Wenn Ihr eine Ahnung habt, würd ich mich echt freuen  Vielleicht gibt es ja sogar einen Link darüber;+

Im voraus schon mal vielen Dank für Eure Antworten


----------



## Carpcatcher2001 (25. Oktober 2002)

Könnte mir vorstellen, das die Gewässer, wo die Cypros gefangen wurden sehr viele Krebse beinhalten (Forellenfleisch wird meineswissens auch nur durch die Fütterung mit Garnelen rot), weiß es aber nich genau.
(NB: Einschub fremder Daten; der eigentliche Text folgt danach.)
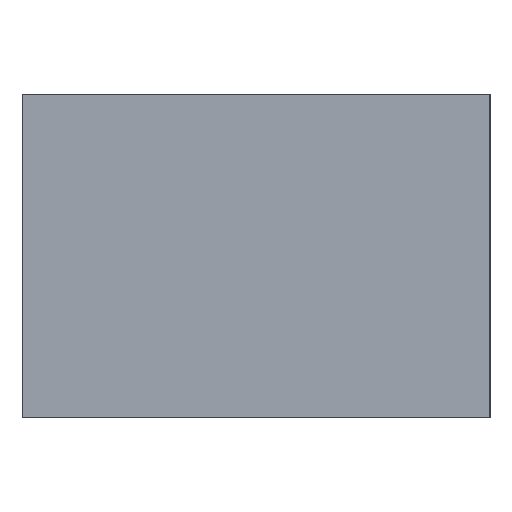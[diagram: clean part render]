
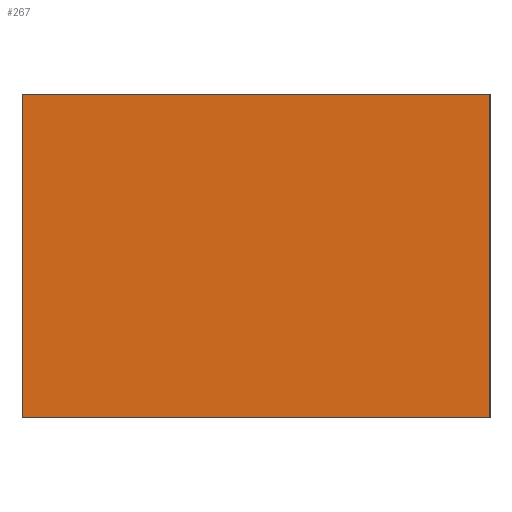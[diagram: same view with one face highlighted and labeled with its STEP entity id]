
A CAD part, left-side view. The second image highlights one B-rep face of the part: STEP entity #267.
In plain terms, the highlighted planar face has unit normal (-1, 0, 0).
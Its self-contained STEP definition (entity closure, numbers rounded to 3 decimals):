
#267=ADVANCED_FACE('',(#698),#700,.T.);
#698=FACE_BOUND('',#699,.T.);
#699=EDGE_LOOP('',(#1025,#1026,#1027,#1028));
#700=PLANE('',#701);
#701=AXIS2_PLACEMENT_3D('',#702,#703,#704);
#702=CARTESIAN_POINT('',(-0.5,0.275,0.355));
#703=DIRECTION('',(-1.,-0.,-0.));
#704=DIRECTION('',(0.,0.,-1.));
#1025=ORIENTED_EDGE('',*,*,#1232,.T.);
#1026=ORIENTED_EDGE('',*,*,#1241,.T.);
#1027=ORIENTED_EDGE('',*,*,#1235,.F.);
#1028=ORIENTED_EDGE('',*,*,#1242,.F.);
#1232=EDGE_CURVE('',#1374,#1372,#1375,.T.);
#1235=EDGE_CURVE('',#1378,#1380,#1381,.T.);
#1241=EDGE_CURVE('',#1372,#1380,#1388,.T.);
#1242=EDGE_CURVE('',#1374,#1378,#1389,.T.);
#1372=VERTEX_POINT('',#1625);
#1374=VERTEX_POINT('',#1629);
#1375=LINE('',#1630,#1631);
#1378=VERTEX_POINT('',#1637);
#1380=VERTEX_POINT('',#1641);
#1381=LINE('',#1642,#1643);
#1388=LINE('',#1661,#1662);
#1389=LINE('',#1664,#1665);
#1625=CARTESIAN_POINT('',(-0.5,0.275,-0.025));
#1629=CARTESIAN_POINT('',(-0.5,0.275,0.355));
#1630=CARTESIAN_POINT('',(-0.5,0.275,0.355));
#1631=VECTOR('',#1632,1.);
#1632=DIRECTION('',(0.,0.,-1.));
#1637=CARTESIAN_POINT('',(-0.5,-0.275,0.355));
#1641=CARTESIAN_POINT('',(-0.5,-0.275,-0.025));
#1642=CARTESIAN_POINT('',(-0.5,-0.275,0.355));
#1643=VECTOR('',#1644,1.);
#1644=DIRECTION('',(0.,0.,-1.));
#1661=CARTESIAN_POINT('',(-0.5,0.275,-0.025));
#1662=VECTOR('',#1663,1.);
#1663=DIRECTION('',(0.,-1.,0.));
#1664=CARTESIAN_POINT('',(-0.5,0.275,0.355));
#1665=VECTOR('',#1666,1.);
#1666=DIRECTION('',(0.,-1.,0.));

PS: lasst die armen Karpfen doch wieder schwimmen.... :a


----------



## TommyD (25. Oktober 2002)

HI
Also ich sage auch das der Carp in nem Gewässer gefangen wurde wo viele Krebse leben oder er kommt aus einer Teichzucht wo mit Forellenfutter mit Karoting gefüttert wurde.

Gruß:
_____TommyD


----------



## hsobolewski (25. Oktober 2002)

Ich selber habe immer schon gerne hin und wieder einen großen Karpfen Stückeweise Geräuchert. Dabei habe ich schon oft festgestelt das diese fast immer ein rech rotes Fleisch vorweisen. Warum dies aber so ist, das kann ich nur vermuten. Da große Karpfen nicht mehr alles Fressen. sondern sehr wählerisch sind  wie z.B. Krebse aller Arten, Muscheln und andere Kleintiere liegt die Vermutung nahe das dadurch es zu diesem roten fleisch kommt. Obs stimmt, weis ich aber nicht mit Sicherheit.


----------



## angeltreff (25. Oktober 2002)

Was haltet Ihr den von roten Bolies? Irgendwo müssen ja die ganzen Kilos bleiben, die die &quot;Spezialisten&quot; so im Wasser versenken.

Krebse halte ich für sehr unwahrscheinlich, den um davon rotes Fleisch zu bekommen, müsste er ausschließlich Krebse fressen. Mal davon abgesehen, dass viele Krebse bei uns ein eher geblich, helles Fleisch haben.

Eine andere Idee ist wirklich, dass er aus einem Forellenpuff kommt und dort das (gefärbte) Forellenfutter gefressen hat. Ist dann also keine &quot;Lachsforelle&quot;, sondern ein &quot;Lachskarpfen&quot;.   

Wie das Fleisch rot wird, hier mal ein Link. Ist aber alles Chemie, hier die Bedienungsanleitung   zum Fische färben (PDF, englisch).


----------



## Bellyboatangler (25. Oktober 2002)

Krebse und Krabben sind nur im rohen Zustand durchsichtig/gelblich bzw. Bräunlich gefärbt. Abgekocht werden sie alle *ROT*  !!!!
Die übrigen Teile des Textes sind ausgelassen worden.